Looks like the biggest mover is Haxe and it doesn't get a mention at all, or am I misreading these charts.


is it possible to get numbers and units on the axis? what does the 80 mean, I think this is incredible


I'm having trouble parsing the SO axis as well. Python (145K tags) and PHP (300K tags) are right next to each other around 90. R (19K tags) and Delphi (17K tags) are just slightly below around 80.


1) The "analysis" is just as broken as it was in September (the last time it was posted here).

The "popularity" of most of those languages is being grossly distorted when sogrady converts the "# of Tags" and "# of Projects" data to rankings.

The range in rank value for the stackoverflow tags was from 1 to 56, but the range in "# of Tags" that rank is based upon was from 0 to 82,923 and the data was so skewed that only 11 of 56 languages had above average "# of Tags".

Haskell was well below average for "# of Tags" and Java was well above average for "# of Tags" --

  #56 Java = 82,923
  >>> mean = 18,770 <<<
  #40 Haskell = 1,896
  # 1 F# = 0
(The story was the same for the github "# of Projects" rank numbers.)

2) Which gives rise to this kind of bad-math "analysis" --

"Go jumping from #32 in 2010 to #30 today, a number that sounds modest but means that in that time it has improved more in popularity than Scala or Haskell and as much as Java, at least from a rankings standpoint (obviously growth becomes more difficult the more popular the language becomes)."

3) 90% of Tags were for just 10 languages.

50% of Tags were for just 3 languages.

The cumulative bottom 1% of Tags were for 31 different languages (including Haskell and Go).


the numbers for both axes are their respective rankings, not actual tag counts. their positioning, therefore, isn't directly proportional to the actual tag volume, but how they rank relative to one another. if we had actual numbers on the github side rather than just the rankings, we'd account for this by introducing a logarithmic scale, but we're constrained by what the data we have access to.


Great Haskell is right up there with Assembly. And which Nimrod will learn Nimrod ?!


this is an incredible graph, I am sending to all my coder friends



I would suspect that grandparent knew exactly the meaning of "incredible", as it is just very difficult to believe that this graph represents anything more than what people use SO and github ;)


I suspect that somid3 was simply being emphatic.

Actually, the graph is a gross distortion rather than difficult to believe -- see http://news.ycombinator.com/item?id=4516651


Yes, I read that and was referring to this exactly, but somewhat jokingly. I just thought that "incredible" could be a more polite way to say "useless"...


>> "incredible" could be <<

... enthusiastic - like "terrific" "fantastic".

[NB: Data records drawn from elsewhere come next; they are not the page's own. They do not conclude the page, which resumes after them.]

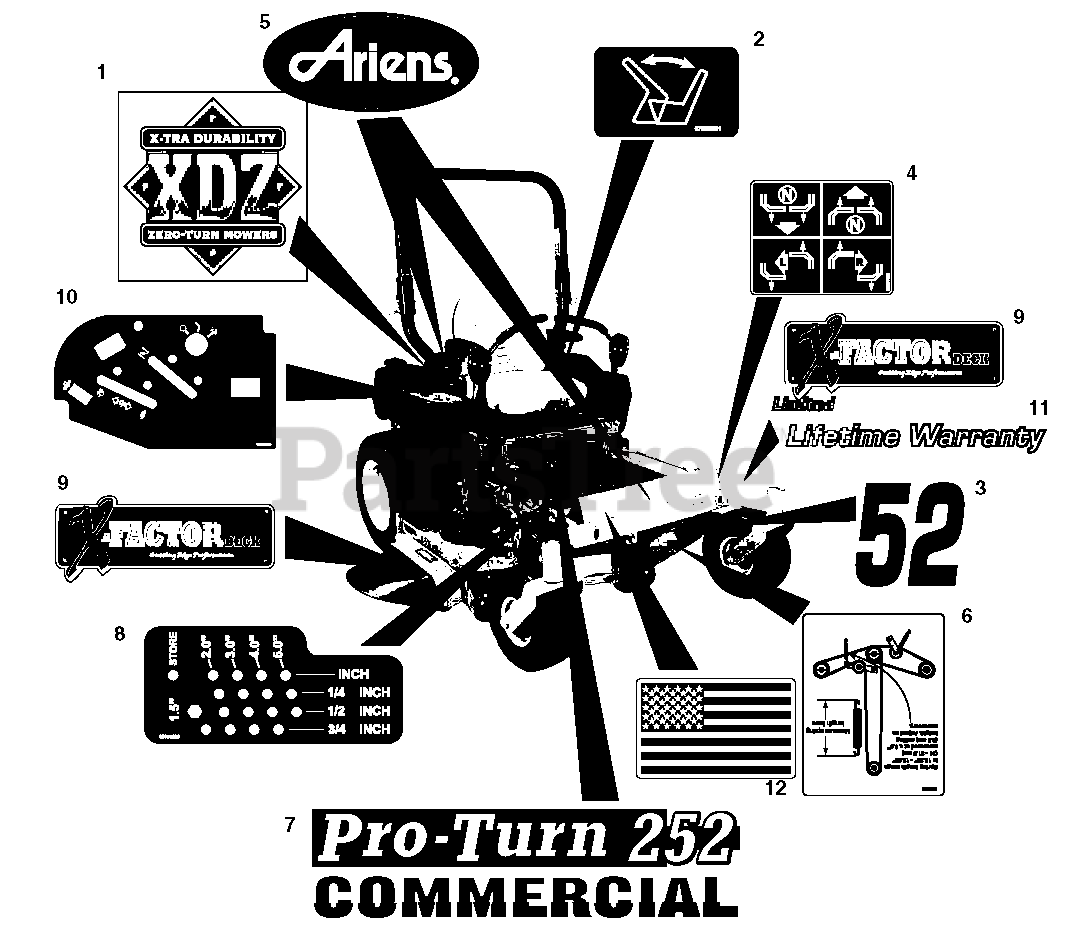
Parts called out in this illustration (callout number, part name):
1	Decal, XDZ
2	Decal, Seat Release
3	Decal, 52
4	Decal, Instructional- Steering
5	Decal, Ariens Oval
6	Decal, Belt Routing
7	Decal, Pro-Turn 252
8	Decal, Height of Cut
9	Decal, X-Factor Deck
10	Decal, Control Panel
11	Decal, Limited Lifetime Warranty
12	Decal, American Flag

What somid3 meant is not at all clear.


My interpretation of this is that Common Lisp is a computer scientist's language (lots of code written in it, very few questions, presumably these are very advanced level questions).

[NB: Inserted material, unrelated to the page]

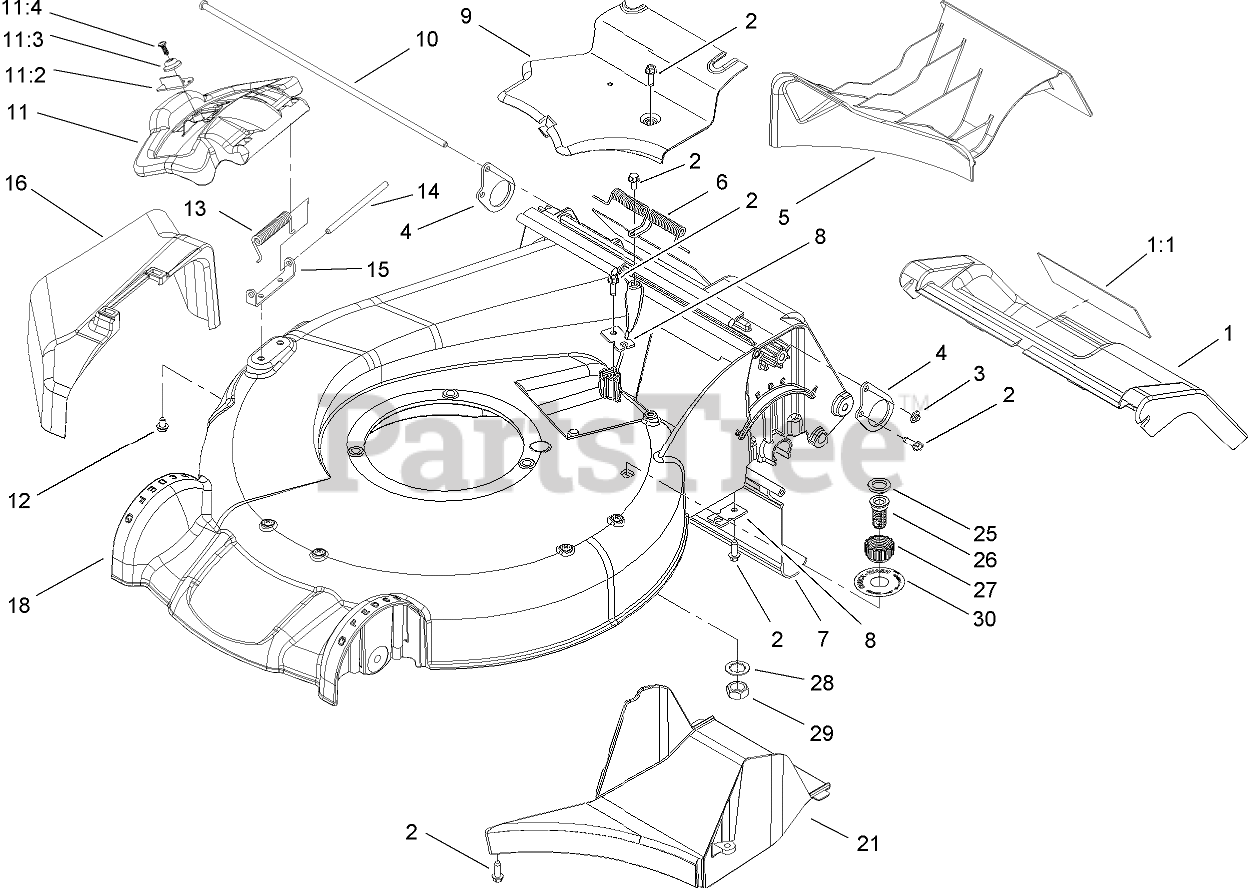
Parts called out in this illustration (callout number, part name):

On the other hand, C# and Visual Basic are weekend coders' languages (reasonable amounts of code, massive amounts of very basic level questions).

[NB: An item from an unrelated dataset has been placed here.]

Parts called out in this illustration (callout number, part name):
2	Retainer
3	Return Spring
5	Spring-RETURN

>On the other hand, C# and Visual Basic are weekend coders' languages

Or they simply have anti-git bias in developer's culture. Like F#, which is not popular among beginners but placed far away over median too.


I'd suggest it's just as likely that Stack Overflow has a slight bias in favour of .NET. It's written in .NET, its creators blogs talk about .NET, and a lot of the higher profile members of the .NET community regularly answer questions on there.


Seconded. In C#'s favourite environment (Visual Studio) the GIT-support is so far from seamless that it's one of the last source-control/VCS's you'll consider.


Does that matter because of the missing feature (which is actually pretty good if you try git-extensions or github for windows) or is this because of the community? Not needing editor/IDE integration is one of the primary reasons git is better than other source control options. You could easily make the case that VS users are not comfortable on the command line.


Really? I always thought MS languages were what you coded if you worked on Enterprise stuff during the week, then on the weekends you bust out the open source languages.


I code python at my day job, and my latest weekend project is in C#. So far I'm really liking C#.